The sabbath day is not mentioned in the book of Genesis at all. Since Moses wrote the book of Genesis we would think that if this observance was practiced he would have mentioned it. There is no mention and in fact, the Scriptures say that God had given this day to be a sign between God and Israel:

"And also I gave them my sabbaths to be a sign between me and them, that they might know that I am the Lord who sanctifies them" (Ezekiel 20:12).

The sabbaths (weekly, seven year, and 49th year), were all given to Israel as a sign between them and God for the purpose of reminding them how they were sanctified (set aside unto holiness). To profane the sabbath was the same as denying the sanctification. The seventh day therefore was sanctified to reveal the spiritual sanctification they enjoyed as the people of God. New Testament sanctification is not tied to the law or the sabbath but to Jesus. Those who deny this sanctification alone in Jesus are not the people of God. The sanctification Jesus gives has no connection to the law or the sabbath.
 
Heidi said:
Jay T. is saying that we are still under the law and not under grace. Well, sorry, but the Jews are still under the law and so are those who have not been born again of the Holy spirit. They, therefore, are at the mercy of the Law. I'm under grace. Thanks be to God! :angel:

Sputnik: Um, regardless of what Jay T. might have said in his post (it's AWFUL long and I haven't read it yet) do you know what you're talking about, Heidi? I mean, with all due respect, you seem to be under the constant impression that, since Jesus, Christians are (NOW) under grace. You are aware, aren't you, that 'grace' was a gift from God to humankind from the very beginning? Also, please answer this question, Heidi Do you regard obedience to the commands of God that were NOT abolished at the cross as being 'under the law'?
 
servant_2000 said:
Did Adam And Eve Observe The Sabbath Day?

No, they did not observe a sabbath day while in the garden. They did not observe a sabbath day after they came out of the garden. There is no mention of the sabbath day until Exodus 16:22-23.

Adam and Eve knew no sabbath. There was only one law in the Garden: 1.) Not to touch or eat of the tree of knowledge of good and evil. There was no sabbath law. There is no mention that God came to Adam only on a sabbath day for fellowship. God came every day. This was restored by Jesus, the second Adam, to the world. Today we have fellowship with God seven days a week.

The sabbath day is not mentioned in the book of Genesis at all. Since Moses wrote the book of Genesis we would think that if this observance was practiced he would have mentioned it. There is no mention and in fact, the Scriptures say that God had given this day to be a sign between God and Israel:

"And also I gave them my sabbaths to be a sign between me and them, that they might know that I am the Lord who sanctifies them" (Ezekiel 20:12).

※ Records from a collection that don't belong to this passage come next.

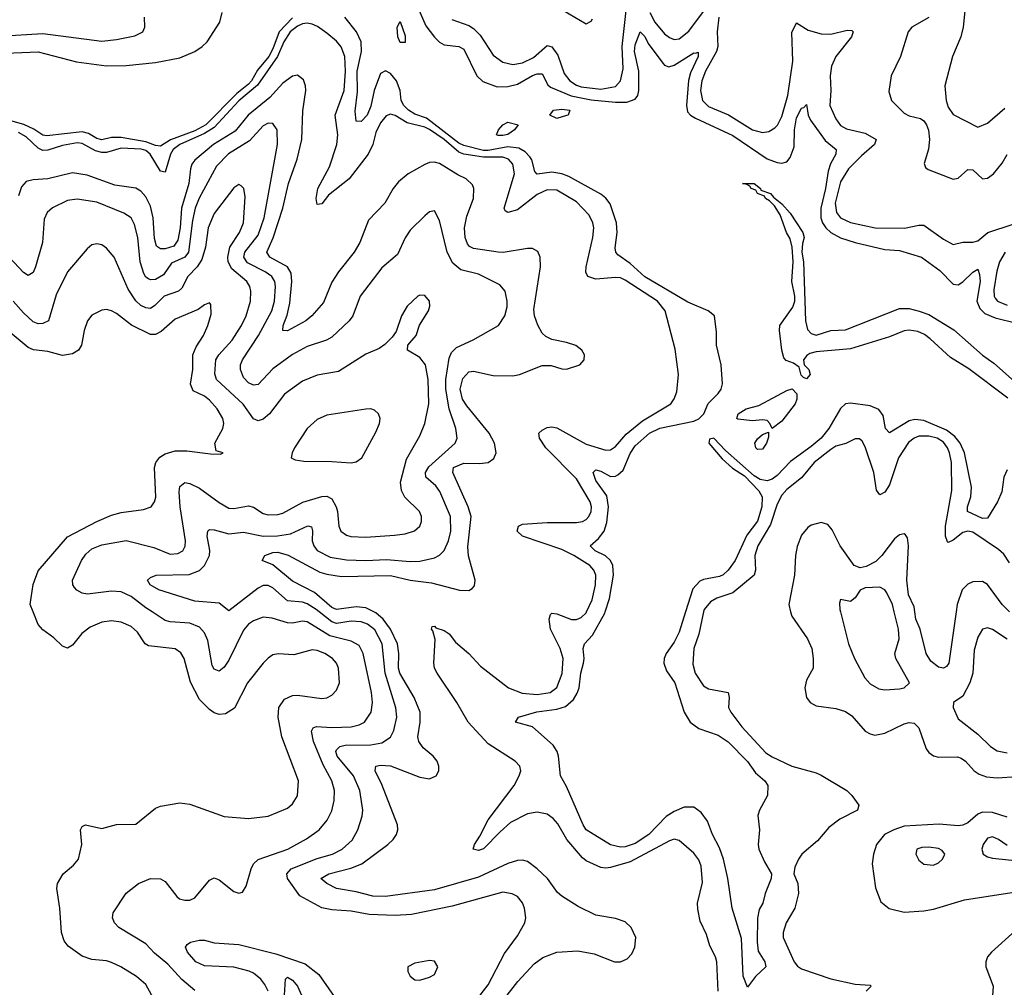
# Model space of a CAD drawing. Header units: inches. Extents: x 2001573 to 2220545, y 644482 to 846830.
# Tile 379 of 656: x 2072675 to 2076699, y 758466 to 762420. Entities that reach past the tile are written whole.
import ezdxf

# ---------------------------------------------------------------- set-up
doc = ezdxf.new("R2010")
doc.units = ezdxf.units.IN
doc.header["$MEASUREMENT"] = 0
doc.layers.add('C0775', color=7, linetype='Continuous')
doc.layers.add('C0776', color=7, linetype='Continuous')

msp = doc.modelspace()

# ---------------------------------------------------------------- linework, layer by layer
at = {"layer": 'C0775', "color": 5}
for points, elevation in [([(2073228.4, 758408.4), (2073190, 758476.9), (2073151.6, 758510), (2073087.6, 758550), (2073050, 758567.7), (2073030, 758574.4), (2072970, 758580.2), (2072930, 758593.4), (2072873.5, 758633.5), (2072856.4, 758656.4), (2072845.9, 758690), (2072839.1, 758790), (2072826.5, 758870), (2072829.9, 758890.1), (2072852.8, 758930), (2072894.4, 758965.6), (2072915.1, 758990), (2072928.9, 759050), (2072923.1, 759110), (2072930, 759123), (2072944, 759130), (2073010, 759115.6), (2073070, 759131.8), (2073150, 759132.7), (2073230, 759197.6), (2073250, 759206.7), (2073330, 759220.4), (2073370, 759214.4), (2073510, 759163.7), (2073610, 759156), (2073690, 759165.5), (2073770, 759197.4), (2073790, 759215.8), (2073810, 759248), (2073814.6, 759310), (2073745.7, 759490), (2073731.7, 759570), (2073733.7, 759610), (2073756.9, 759643.1), (2073790, 759658.5), (2073810, 759659.7), (2073910, 759646.3), (2073930, 759649.4), (2073950, 759660.2), (2073970, 759680.3), (2073981.6, 759710), (2073977.5, 759770), (2073969.8, 759790), (2073953.6, 759810), (2073922.6, 759830), (2073890, 759842.2), (2073870, 759844.4), (2073794.8, 759825.2), (2073731.5, 759828.4), (2073710, 759824), (2073690, 759811.1), (2073670.3, 759790), (2073605.8, 759710), (2073552.8, 759607.2), (2073516.1, 759583.9), (2073490, 759581.4), (2073470, 759587.4), (2073450, 759601), (2073410, 759642), (2073373, 759713), (2073347, 759810), (2073333.1, 759833.1), (2073310, 759848.8), (2073201.9, 759861.9), (2073188, 759870), (2073156.9, 759916.9), (2073130, 759940.2), (2073090, 759957.5), (2073050, 759963.7), (2073010, 759957.5), (2072962.8, 759937.2), (2072928.8, 759911.2), (2072890, 759863.5), (2072870, 759852.2), (2072850, 759860.4), (2072814.2, 759894.2), (2072770, 759927), (2072750, 759949), (2072729.3, 760000)], 380), ([(2073390, 758453.1), (2073338, 758498), (2073279.9, 758559.9), (2073225.8, 758605.8), (2073190, 758643.9), (2073079.7, 758710), (2073062.4, 758730), (2073054, 758750), (2073056.2, 758770), (2073109.8, 758850.2), (2073160.9, 758890), (2073210, 758910.3), (2073250, 758908.9), (2073270, 758898.7), (2073316.4, 758836.4), (2073327.7, 758827.7), (2073350, 758821.7), (2073370, 758822.7), (2073390, 758832.1), (2073450, 758903.7), (2073470, 758913.4), (2073490, 758905.3), (2073550, 758857.3), (2073570, 758850.8), (2073585.2, 758854.8), (2073600.7, 758879.3), (2073620.3, 758950), (2073630.7, 758970), (2073650, 758987.8), (2073770.8, 759030), (2073847.1, 759072.9), (2073898.4, 759110), (2073930.9, 759149.1), (2073950, 759186.7), (2073959.9, 759230), (2073961.3, 759270), (2073950.9, 759310), (2073915.3, 759375.3), (2073876.1, 759470), (2073867.1, 759512.9), (2073874, 759526), (2073888.1, 759531.9), (2073950, 759528.2), (2074029.4, 759530.6), (2074061.7, 759538.3), (2074084.5, 759550), (2074111.6, 759590), (2074116.7, 759630), (2074112.1, 759670), (2074079.1, 759830), (2074062.2, 759862.2), (2074030, 759880.9), (2073942.7, 759902.7), (2073850, 759959.3), (2073830, 759962.8), (2073790, 759954.3), (2073770, 759954.7), (2073706.1, 759973.9), (2073670, 759978), (2073630, 759964.2), (2073610, 759949.8), (2073590, 759925), (2073530, 759803.2), (2073510, 759774.6), (2073490, 759758.4), (2073470, 759765.6), (2073461.3, 759781.3), (2073443.4, 759883.4), (2073430, 759915), (2073410, 759937.7), (2073370, 759953.8), (2073290, 759959), (2073270, 759965), (2073215.9, 760000)], 360), ([(2074537.4, 758410), (2074590, 758475.5), (2074656.4, 758603.6), (2074710, 758676.5), (2074739.4, 758730), (2074744, 758750), (2074738.5, 758790), (2074730, 758811.6), (2074710, 758836.8), (2074688.1, 758848.1), (2074650, 758854.6), (2074442.4, 758797.6), (2074276, 758764), (2074210, 758759.4), (2074103.5, 758763.5), (2074030, 758777.1), (2073950, 758782.1), (2073910, 758790.5), (2073819.5, 758839.5), (2073769.9, 758910), (2073767.2, 758930), (2073784.2, 758950), (2073890, 758993), (2073953.5, 759010), (2073992.5, 759030), (2074033.3, 759066.7), (2074057.3, 759110), (2074074.6, 759165.4), (2074077.3, 759190), (2074064.5, 759270), (2074039.7, 759330), (2073972.5, 759410), (2073967.4, 759430), (2073970, 759436.5), (2073983.5, 759450), (2074004.9, 759455.1), (2074110, 759456.9), (2074154.4, 759465.6), (2074190, 759488.3), (2074204.1, 759515.9), (2074216.2, 759570), (2074212.3, 759607.7), (2074168.6, 759750), (2074155.6, 759870), (2074126.1, 759926.1), (2074096.8, 759950), (2074070, 759959.8), (2074030, 759961.5), (2073970, 759952.2), (2073950, 759958.8), (2073898.4, 760000)], 340), ([(2074648.4, 758410), (2074710.3, 758489.7), (2074778, 758562), (2074812.4, 758587.6), (2074870, 758610.1), (2074955.6, 758615.6), (2075023.2, 758603.2), (2075106, 758570), (2075130, 758570.3), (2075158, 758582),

The sabbaths (weekly, seven year, and 49th year), were all given to Israel as a sign between them and God for the purpose of reminding them how they were sanctified (set aside unto holiness). To profane the sabbath was the same as denying the sanctification. The seventh day therefore was sanctified to reveal the spiritual sanctification they enjoyed as the people of God. New Testament sanctification is not tied to the law or the sabbath but to Jesus. Those who deny this sanctification alone in Jesus are not the people of God. The sanctification Jesus gives has no connection to the law or the sabbath.

Sputnik: Just briefly, that's all it takes. Did Cain know about 'Thou shalt not kill?' We're not told that he was commanded by God not to kill. Yet he did kill Abel and he hid from God because he knew he'd sinned. How did he know? According to your reasoning Cain didn't know what sin was.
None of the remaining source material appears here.